→ Data provided:
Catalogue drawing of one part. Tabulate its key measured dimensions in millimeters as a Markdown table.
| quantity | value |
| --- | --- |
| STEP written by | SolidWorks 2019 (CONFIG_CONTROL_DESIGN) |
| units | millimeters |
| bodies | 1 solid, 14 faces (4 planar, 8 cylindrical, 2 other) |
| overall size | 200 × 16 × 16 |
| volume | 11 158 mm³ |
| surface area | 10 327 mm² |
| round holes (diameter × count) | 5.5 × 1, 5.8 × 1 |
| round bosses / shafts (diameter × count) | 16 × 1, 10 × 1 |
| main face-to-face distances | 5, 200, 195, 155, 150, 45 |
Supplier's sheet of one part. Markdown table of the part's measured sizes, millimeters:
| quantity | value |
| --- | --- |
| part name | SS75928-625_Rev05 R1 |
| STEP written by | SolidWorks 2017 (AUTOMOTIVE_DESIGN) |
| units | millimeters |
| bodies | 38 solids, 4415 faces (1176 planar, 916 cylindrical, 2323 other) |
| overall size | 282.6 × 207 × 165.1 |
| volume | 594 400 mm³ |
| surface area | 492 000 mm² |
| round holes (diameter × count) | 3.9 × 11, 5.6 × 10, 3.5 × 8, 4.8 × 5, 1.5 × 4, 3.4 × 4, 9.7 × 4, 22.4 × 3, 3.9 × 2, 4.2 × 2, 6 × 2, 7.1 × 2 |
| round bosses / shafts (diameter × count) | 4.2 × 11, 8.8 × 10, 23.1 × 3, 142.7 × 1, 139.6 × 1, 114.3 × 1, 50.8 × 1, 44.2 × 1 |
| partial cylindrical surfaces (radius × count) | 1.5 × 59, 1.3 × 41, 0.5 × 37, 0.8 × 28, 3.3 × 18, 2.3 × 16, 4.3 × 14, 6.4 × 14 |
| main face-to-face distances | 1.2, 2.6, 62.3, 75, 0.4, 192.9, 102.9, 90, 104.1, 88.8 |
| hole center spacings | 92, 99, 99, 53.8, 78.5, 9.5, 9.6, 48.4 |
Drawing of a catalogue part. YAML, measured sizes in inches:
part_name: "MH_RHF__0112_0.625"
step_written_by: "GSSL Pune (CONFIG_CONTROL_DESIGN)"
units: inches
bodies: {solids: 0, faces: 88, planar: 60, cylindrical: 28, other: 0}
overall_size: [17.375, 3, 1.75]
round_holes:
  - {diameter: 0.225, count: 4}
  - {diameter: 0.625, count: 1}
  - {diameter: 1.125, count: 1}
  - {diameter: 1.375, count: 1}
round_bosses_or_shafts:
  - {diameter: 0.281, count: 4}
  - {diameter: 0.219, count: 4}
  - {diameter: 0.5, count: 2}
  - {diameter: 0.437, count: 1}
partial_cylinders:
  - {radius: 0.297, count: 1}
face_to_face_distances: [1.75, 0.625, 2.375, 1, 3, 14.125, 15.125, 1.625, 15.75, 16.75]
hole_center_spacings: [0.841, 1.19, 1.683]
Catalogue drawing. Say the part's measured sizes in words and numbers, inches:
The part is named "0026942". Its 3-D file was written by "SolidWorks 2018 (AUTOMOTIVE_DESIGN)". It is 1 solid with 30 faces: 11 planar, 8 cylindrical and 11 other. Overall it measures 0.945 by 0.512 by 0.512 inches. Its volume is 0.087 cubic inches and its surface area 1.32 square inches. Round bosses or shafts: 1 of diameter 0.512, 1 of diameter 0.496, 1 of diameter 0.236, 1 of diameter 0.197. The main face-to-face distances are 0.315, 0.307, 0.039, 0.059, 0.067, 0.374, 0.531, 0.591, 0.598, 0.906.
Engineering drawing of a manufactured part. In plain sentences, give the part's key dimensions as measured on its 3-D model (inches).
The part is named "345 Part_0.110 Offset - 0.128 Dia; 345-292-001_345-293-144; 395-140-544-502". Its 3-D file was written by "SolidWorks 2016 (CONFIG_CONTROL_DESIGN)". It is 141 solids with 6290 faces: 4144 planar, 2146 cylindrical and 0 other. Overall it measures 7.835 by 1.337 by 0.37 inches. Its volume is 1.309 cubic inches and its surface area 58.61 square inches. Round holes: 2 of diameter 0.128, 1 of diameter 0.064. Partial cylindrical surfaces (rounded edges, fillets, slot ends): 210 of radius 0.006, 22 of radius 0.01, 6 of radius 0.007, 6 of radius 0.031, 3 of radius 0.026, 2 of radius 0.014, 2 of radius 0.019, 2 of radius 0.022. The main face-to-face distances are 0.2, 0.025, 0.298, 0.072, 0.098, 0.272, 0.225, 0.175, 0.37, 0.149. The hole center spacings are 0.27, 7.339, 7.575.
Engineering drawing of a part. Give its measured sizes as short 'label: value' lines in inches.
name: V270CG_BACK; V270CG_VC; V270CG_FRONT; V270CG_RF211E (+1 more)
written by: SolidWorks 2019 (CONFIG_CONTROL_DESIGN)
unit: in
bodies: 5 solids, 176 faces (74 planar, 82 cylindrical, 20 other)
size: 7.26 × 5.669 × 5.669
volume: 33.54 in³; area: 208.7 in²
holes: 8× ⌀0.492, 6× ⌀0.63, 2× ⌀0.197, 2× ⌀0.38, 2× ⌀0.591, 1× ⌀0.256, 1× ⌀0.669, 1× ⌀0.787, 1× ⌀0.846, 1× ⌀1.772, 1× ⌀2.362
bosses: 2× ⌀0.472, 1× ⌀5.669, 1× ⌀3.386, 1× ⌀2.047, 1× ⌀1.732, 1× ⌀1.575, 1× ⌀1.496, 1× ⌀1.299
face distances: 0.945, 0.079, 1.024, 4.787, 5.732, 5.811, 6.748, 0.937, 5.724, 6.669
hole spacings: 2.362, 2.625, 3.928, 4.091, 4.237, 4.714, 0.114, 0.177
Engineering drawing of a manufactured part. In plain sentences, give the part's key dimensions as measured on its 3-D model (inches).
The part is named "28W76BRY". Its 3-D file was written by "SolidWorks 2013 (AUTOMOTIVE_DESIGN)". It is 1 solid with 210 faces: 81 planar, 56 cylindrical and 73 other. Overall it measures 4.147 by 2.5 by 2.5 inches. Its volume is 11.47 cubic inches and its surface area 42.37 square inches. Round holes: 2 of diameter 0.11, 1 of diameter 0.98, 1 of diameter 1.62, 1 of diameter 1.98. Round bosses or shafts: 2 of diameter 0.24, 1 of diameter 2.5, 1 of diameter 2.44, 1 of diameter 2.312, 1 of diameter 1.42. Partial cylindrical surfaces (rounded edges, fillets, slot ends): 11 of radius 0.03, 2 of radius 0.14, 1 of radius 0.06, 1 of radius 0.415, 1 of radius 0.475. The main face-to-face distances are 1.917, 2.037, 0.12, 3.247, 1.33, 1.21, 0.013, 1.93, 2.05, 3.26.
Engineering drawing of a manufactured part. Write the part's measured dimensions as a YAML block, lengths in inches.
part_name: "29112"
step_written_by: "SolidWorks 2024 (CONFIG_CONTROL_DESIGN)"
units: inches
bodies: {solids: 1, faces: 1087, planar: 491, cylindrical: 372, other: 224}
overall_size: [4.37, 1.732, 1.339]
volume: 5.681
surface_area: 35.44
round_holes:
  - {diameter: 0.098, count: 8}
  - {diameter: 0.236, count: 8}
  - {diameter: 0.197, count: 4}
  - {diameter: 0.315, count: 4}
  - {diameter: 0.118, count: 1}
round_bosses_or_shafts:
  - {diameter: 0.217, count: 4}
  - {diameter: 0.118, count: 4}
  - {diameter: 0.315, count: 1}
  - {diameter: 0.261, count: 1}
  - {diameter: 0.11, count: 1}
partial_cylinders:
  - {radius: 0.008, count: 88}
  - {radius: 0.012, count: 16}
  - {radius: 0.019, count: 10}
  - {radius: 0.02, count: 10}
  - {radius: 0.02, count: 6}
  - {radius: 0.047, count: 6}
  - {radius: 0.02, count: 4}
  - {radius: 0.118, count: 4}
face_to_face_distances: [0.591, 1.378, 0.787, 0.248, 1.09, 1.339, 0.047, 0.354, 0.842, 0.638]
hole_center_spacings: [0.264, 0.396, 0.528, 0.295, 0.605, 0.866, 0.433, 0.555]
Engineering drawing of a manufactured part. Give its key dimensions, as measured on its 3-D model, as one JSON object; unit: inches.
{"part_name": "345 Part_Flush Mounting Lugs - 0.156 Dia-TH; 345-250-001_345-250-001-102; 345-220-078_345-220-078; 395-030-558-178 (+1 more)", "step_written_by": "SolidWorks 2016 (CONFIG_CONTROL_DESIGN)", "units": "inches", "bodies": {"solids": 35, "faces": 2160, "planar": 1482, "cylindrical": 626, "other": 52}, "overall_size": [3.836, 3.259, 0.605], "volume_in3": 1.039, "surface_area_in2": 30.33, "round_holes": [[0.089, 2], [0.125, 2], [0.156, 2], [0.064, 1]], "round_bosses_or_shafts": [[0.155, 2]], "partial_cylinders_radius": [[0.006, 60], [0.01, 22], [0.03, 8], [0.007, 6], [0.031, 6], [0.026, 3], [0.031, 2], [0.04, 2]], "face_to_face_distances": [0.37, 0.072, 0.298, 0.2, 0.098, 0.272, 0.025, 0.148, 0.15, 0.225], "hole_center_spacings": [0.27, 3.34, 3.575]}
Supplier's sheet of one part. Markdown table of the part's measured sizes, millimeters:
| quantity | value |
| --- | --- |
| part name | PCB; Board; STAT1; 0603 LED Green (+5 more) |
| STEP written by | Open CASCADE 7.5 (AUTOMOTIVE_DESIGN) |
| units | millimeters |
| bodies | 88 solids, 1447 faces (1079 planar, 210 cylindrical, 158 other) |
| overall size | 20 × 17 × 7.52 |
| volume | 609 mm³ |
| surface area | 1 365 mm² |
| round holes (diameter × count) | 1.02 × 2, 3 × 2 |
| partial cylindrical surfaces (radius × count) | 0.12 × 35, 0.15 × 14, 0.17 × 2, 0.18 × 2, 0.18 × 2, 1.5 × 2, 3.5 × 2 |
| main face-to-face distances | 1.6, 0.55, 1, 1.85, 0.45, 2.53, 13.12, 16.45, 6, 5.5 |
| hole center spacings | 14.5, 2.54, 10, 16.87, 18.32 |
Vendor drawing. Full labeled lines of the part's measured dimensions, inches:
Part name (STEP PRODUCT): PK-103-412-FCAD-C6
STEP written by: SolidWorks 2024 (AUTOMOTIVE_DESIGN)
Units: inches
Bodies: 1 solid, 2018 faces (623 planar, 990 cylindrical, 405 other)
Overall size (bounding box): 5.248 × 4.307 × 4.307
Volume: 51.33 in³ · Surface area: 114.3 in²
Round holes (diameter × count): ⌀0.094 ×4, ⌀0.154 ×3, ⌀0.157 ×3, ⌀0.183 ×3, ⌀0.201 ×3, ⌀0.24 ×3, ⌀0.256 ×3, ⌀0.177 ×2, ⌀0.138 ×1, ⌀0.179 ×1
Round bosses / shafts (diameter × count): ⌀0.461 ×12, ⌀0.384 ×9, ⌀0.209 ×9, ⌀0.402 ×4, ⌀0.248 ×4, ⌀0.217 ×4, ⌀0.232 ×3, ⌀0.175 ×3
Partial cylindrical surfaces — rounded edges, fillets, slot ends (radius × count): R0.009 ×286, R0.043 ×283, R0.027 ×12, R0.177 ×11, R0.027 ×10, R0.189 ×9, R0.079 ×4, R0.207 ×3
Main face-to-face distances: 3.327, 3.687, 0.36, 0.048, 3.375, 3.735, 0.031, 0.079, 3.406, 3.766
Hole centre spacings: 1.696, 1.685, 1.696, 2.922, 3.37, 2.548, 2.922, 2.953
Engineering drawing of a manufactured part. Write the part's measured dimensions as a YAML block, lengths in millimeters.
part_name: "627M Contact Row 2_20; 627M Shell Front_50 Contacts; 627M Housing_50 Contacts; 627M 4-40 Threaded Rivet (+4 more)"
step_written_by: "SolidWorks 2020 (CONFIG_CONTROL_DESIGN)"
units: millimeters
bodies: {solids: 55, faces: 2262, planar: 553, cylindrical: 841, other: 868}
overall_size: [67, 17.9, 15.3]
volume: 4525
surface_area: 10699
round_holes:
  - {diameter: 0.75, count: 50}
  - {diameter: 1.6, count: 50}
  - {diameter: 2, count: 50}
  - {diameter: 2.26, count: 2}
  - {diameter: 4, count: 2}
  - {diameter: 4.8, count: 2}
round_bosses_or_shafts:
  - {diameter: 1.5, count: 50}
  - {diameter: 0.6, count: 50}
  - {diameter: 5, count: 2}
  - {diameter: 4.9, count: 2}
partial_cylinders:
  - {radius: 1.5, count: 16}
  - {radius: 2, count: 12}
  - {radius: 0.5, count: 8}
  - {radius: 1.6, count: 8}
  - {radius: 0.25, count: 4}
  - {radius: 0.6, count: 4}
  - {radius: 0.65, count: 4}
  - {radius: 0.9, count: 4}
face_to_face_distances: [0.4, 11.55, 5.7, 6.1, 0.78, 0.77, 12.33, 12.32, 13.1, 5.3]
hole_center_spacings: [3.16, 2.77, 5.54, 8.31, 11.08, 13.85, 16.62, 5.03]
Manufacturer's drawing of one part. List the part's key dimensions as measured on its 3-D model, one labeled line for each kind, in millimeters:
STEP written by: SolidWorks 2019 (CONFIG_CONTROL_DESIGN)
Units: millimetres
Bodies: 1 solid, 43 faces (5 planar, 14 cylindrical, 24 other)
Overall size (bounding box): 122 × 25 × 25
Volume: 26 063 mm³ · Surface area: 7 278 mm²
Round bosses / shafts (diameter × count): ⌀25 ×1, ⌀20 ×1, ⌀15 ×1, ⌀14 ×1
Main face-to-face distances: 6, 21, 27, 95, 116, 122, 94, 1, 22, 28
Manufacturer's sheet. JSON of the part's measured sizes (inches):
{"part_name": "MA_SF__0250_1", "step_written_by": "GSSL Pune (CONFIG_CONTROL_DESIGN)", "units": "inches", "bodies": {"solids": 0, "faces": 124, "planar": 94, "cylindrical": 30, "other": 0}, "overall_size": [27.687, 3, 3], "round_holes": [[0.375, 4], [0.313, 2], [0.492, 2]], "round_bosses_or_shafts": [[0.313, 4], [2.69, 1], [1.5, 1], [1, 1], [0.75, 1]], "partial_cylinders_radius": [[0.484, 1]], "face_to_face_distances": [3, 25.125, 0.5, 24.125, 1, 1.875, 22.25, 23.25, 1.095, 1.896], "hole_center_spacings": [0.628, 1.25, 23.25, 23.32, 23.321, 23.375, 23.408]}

→ What the exercise asks:
Which lines contain "lengths"? Copy each of them from the listing.

→ Response area:
Engineering drawing of a manufactured part. Write the part's measured dimensions as a YAML block, lengths in inches.
Engineering drawing of a manufactured part. Write the part's measured dimensions as a YAML block, lengths in millimeters.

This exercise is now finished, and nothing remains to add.